» **Supplied material**

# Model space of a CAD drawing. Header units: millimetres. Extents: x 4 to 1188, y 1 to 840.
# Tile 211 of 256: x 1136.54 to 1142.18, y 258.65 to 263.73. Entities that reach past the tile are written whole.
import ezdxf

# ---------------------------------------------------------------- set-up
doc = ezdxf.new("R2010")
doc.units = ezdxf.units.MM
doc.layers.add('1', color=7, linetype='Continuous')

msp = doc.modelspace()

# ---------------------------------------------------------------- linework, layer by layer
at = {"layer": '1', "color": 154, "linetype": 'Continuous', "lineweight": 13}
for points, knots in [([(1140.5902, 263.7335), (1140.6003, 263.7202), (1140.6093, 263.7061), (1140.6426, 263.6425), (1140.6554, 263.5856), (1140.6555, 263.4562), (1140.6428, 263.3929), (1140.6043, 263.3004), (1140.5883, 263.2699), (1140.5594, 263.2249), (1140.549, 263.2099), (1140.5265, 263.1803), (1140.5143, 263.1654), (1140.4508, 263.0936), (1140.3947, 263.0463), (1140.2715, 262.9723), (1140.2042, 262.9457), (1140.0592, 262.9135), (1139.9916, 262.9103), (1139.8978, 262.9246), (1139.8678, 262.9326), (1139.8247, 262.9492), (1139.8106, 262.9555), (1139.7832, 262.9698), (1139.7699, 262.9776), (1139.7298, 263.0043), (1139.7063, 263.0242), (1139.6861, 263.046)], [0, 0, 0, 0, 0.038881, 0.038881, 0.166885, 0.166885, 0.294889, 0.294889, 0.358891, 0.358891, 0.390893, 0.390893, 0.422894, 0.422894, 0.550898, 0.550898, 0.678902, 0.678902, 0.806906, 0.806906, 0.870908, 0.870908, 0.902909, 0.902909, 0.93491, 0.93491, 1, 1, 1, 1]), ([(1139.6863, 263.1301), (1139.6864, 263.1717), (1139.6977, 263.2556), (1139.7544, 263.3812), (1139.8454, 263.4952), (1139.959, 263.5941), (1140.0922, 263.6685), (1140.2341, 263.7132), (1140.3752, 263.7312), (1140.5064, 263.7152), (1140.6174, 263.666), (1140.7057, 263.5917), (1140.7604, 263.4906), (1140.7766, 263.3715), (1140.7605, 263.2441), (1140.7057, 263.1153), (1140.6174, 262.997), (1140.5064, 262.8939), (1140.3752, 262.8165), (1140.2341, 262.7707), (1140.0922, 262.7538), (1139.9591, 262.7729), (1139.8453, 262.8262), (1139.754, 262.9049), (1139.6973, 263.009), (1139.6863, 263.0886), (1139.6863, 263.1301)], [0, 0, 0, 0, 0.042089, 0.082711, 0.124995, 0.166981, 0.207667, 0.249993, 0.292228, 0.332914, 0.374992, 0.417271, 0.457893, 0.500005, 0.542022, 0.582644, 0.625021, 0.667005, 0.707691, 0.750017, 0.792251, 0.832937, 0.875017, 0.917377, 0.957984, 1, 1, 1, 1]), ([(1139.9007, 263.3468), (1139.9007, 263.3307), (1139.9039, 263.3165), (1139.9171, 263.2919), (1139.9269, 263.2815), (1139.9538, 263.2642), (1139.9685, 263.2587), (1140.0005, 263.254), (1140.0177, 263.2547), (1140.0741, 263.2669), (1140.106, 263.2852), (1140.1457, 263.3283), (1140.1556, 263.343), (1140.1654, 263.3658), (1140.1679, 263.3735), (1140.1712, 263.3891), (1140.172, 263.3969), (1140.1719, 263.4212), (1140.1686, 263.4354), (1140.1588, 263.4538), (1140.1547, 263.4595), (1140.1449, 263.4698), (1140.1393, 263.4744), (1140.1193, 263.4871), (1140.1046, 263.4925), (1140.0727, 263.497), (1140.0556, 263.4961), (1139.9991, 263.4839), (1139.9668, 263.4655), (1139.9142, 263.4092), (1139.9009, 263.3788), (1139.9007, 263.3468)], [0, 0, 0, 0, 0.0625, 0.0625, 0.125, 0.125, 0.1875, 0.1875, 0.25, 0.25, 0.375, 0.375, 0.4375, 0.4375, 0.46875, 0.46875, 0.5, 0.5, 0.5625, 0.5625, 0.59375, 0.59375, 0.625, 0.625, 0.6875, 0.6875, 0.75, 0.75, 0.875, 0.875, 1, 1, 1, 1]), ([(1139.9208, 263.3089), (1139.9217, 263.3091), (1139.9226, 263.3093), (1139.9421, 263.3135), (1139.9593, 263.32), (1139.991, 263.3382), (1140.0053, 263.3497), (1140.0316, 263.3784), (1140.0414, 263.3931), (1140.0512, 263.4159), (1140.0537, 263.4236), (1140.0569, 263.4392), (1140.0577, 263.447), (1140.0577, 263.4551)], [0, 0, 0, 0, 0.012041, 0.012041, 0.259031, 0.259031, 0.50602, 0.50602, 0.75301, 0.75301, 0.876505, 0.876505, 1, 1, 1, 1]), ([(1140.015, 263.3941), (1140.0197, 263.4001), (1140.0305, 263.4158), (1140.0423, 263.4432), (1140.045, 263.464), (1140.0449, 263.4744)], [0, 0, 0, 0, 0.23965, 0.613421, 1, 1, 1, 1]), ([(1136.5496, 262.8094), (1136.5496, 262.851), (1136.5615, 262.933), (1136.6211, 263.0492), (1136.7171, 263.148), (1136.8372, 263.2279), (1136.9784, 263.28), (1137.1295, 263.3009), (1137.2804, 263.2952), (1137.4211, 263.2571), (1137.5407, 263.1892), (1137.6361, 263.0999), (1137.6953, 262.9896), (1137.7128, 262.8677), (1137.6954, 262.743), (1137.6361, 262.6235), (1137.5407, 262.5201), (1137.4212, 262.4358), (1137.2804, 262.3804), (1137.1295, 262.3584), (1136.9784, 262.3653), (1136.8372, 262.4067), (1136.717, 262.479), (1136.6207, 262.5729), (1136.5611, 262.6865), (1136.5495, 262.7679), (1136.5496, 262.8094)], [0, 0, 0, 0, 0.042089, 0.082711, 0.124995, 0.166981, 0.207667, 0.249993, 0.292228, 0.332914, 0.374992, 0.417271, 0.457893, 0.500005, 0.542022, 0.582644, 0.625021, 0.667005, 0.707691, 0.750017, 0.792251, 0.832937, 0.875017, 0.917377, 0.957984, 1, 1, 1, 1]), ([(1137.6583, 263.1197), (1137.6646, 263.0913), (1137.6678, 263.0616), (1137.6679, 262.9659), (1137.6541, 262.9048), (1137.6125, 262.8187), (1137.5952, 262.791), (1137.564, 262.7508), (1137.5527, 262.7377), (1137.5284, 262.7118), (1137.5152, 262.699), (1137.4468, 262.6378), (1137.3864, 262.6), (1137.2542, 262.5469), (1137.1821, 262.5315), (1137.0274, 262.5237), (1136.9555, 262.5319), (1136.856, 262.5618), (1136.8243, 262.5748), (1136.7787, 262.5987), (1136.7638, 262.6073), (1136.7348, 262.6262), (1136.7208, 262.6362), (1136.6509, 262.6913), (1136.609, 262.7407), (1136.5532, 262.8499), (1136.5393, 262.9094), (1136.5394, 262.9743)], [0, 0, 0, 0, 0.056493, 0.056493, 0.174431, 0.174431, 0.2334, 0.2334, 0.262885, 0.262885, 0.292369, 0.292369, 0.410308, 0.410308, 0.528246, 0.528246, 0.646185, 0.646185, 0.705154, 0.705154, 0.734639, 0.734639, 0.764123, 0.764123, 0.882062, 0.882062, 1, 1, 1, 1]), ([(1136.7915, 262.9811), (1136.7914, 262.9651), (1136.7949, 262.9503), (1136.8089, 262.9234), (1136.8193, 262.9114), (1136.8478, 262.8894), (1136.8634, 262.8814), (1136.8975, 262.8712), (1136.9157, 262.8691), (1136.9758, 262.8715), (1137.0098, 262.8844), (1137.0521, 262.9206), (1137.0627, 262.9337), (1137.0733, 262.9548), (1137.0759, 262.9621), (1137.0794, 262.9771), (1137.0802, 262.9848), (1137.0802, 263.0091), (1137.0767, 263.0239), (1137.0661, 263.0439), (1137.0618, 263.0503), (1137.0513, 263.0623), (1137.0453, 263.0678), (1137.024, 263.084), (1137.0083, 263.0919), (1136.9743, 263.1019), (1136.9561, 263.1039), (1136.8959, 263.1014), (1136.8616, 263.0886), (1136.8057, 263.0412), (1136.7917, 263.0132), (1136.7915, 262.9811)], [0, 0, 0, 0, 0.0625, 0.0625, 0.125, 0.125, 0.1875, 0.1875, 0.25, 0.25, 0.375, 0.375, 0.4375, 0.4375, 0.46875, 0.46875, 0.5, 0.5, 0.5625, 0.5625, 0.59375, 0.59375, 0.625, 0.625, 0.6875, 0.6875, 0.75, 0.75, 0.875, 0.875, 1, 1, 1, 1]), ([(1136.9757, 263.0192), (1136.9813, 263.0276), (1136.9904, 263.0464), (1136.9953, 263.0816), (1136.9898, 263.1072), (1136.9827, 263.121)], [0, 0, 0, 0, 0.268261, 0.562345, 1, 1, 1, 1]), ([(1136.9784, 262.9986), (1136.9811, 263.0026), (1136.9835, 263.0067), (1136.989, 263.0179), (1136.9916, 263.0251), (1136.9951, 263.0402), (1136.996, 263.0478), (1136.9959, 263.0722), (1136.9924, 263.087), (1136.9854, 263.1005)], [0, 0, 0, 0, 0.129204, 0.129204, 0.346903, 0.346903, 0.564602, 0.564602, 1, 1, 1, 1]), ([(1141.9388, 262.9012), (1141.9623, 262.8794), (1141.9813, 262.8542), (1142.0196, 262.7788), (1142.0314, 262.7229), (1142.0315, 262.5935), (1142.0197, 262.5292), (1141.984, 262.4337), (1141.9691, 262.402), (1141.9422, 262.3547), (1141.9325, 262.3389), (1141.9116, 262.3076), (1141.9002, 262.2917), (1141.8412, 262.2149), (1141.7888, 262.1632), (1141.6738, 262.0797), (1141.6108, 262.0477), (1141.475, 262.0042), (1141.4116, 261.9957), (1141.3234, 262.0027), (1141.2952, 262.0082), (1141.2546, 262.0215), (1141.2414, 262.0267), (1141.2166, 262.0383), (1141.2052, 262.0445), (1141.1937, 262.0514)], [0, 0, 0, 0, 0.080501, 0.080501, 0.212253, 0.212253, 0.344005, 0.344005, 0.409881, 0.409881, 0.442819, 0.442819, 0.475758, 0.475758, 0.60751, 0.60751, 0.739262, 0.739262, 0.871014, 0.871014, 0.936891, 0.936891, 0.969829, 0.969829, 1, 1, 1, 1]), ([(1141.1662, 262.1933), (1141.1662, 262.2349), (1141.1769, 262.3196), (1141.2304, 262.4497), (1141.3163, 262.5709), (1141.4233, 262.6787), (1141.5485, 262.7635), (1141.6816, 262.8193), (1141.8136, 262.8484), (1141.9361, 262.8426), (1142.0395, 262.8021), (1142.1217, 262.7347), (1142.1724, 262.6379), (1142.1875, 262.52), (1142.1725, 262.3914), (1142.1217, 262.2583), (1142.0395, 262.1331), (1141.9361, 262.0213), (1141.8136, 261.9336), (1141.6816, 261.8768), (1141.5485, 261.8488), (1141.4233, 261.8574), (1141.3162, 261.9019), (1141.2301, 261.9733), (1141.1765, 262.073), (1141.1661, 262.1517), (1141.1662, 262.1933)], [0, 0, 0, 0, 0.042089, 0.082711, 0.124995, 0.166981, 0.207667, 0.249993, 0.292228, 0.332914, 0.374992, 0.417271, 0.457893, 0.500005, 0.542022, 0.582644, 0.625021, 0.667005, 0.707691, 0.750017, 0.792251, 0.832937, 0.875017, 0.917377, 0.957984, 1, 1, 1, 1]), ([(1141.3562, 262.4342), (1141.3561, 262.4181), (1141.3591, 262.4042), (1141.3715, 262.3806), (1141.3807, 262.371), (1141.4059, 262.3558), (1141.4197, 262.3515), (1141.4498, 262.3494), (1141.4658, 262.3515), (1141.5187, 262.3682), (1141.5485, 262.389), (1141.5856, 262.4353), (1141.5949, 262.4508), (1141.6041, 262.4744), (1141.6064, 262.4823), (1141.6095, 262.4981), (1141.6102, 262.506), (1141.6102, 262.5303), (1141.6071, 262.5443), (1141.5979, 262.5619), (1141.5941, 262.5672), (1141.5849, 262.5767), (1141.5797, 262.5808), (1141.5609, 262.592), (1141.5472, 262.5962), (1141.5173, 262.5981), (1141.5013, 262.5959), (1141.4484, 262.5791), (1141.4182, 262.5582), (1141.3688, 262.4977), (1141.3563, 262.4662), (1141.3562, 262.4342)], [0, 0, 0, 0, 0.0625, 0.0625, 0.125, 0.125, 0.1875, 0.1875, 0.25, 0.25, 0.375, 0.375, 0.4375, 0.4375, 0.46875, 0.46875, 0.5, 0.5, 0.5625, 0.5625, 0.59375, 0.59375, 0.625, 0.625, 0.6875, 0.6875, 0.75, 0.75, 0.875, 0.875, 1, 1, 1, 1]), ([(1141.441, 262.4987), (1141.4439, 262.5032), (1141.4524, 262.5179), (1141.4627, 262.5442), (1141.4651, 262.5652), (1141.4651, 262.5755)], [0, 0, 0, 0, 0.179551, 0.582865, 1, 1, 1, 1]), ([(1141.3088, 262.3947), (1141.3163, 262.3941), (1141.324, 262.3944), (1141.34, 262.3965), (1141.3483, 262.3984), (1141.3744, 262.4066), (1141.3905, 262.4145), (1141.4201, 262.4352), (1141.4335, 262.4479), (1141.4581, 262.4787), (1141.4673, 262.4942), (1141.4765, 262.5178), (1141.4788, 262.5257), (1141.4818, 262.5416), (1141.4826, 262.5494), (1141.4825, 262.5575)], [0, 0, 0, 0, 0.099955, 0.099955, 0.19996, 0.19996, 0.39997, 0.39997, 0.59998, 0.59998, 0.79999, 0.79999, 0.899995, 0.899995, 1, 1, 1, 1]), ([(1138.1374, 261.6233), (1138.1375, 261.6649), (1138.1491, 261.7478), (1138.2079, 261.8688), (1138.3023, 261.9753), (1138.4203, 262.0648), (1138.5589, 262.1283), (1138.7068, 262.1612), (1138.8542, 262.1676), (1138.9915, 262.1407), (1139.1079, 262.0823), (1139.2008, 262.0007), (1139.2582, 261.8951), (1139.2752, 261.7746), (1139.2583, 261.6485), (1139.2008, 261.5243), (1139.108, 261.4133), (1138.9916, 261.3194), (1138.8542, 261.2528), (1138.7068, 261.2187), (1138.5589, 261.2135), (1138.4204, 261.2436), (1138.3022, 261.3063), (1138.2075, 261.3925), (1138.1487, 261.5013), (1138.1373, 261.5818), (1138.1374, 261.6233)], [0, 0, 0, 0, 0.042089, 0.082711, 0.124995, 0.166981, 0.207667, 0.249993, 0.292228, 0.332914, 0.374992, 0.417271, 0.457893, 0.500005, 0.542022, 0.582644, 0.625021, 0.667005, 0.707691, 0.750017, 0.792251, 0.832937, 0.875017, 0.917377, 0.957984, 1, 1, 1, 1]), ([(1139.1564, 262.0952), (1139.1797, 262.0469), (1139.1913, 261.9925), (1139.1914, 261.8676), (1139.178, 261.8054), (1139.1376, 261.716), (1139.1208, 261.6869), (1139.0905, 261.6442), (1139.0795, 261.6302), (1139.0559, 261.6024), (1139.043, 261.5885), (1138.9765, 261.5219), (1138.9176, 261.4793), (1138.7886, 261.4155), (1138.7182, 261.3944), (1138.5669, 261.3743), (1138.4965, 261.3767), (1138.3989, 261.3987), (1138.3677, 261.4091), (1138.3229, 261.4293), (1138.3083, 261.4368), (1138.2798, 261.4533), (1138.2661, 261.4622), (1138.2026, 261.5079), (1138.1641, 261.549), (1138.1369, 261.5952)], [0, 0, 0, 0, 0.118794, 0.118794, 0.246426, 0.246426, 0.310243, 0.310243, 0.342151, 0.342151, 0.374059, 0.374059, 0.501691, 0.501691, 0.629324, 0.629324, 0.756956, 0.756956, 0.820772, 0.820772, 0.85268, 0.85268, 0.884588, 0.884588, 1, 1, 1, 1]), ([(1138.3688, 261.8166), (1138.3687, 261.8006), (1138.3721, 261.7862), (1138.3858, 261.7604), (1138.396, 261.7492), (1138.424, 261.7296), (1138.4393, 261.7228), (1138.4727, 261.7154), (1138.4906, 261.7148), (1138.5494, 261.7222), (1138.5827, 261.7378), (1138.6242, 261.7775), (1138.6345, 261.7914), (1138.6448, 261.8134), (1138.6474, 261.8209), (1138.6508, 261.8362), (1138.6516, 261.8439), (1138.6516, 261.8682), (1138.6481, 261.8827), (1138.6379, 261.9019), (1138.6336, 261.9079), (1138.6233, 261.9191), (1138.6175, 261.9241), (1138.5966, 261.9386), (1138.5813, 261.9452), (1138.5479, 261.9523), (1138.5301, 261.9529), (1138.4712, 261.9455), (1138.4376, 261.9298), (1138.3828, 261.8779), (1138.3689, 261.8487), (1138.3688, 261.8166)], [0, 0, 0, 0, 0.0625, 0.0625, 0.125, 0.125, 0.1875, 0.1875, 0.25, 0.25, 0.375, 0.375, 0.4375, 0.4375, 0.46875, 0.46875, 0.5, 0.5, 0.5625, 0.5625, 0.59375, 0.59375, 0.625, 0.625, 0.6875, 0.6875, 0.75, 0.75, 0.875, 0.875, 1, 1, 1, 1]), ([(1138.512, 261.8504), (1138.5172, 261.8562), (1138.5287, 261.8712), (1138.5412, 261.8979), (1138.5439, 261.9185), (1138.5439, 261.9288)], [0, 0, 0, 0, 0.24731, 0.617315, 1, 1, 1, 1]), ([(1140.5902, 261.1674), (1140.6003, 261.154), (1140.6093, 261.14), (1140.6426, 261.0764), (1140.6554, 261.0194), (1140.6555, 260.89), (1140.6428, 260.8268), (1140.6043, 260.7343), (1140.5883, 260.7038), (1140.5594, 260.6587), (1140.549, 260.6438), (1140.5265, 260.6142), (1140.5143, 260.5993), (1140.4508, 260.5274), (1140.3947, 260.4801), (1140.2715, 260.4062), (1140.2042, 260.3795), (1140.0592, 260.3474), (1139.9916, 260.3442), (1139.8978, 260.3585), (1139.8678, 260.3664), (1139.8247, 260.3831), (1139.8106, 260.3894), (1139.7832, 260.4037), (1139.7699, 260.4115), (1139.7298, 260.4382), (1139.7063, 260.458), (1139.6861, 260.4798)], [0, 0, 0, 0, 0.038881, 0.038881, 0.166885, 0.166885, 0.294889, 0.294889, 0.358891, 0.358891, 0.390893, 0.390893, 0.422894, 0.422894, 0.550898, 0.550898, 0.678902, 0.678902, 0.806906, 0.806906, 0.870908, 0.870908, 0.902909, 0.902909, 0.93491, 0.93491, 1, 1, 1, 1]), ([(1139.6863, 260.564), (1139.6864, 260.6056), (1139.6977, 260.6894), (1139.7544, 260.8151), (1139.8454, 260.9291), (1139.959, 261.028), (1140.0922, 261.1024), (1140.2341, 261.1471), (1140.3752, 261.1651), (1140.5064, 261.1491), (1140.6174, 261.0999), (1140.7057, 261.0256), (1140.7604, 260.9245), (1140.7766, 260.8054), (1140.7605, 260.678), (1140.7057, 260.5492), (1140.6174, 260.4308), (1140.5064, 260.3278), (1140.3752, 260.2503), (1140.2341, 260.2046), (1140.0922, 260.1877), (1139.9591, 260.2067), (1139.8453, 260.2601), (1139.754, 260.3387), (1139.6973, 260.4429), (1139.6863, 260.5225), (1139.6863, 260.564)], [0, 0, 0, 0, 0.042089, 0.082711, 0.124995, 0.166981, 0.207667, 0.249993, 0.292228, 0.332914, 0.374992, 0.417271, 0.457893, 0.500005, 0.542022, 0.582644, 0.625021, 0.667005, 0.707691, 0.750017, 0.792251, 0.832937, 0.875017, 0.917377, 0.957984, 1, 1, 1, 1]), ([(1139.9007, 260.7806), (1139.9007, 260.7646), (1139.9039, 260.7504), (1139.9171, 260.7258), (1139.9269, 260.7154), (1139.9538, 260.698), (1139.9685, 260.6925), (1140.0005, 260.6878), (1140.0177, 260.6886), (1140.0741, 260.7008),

» **Assigned task**
Leave out every line above except those from the line with "import ezdxf" up to and including the line with "layer by layer", and copy those exactly.

» **Result**
import ezdxf

# ---------------------------------------------------------------- set-up
doc = ezdxf.new("R2010")
doc.units = ezdxf.units.MM
doc.layers.add('1', color=7, linetype='Continuous')

msp = doc.modelspace()

# ---------------------------------------------------------------- linework, layer by layer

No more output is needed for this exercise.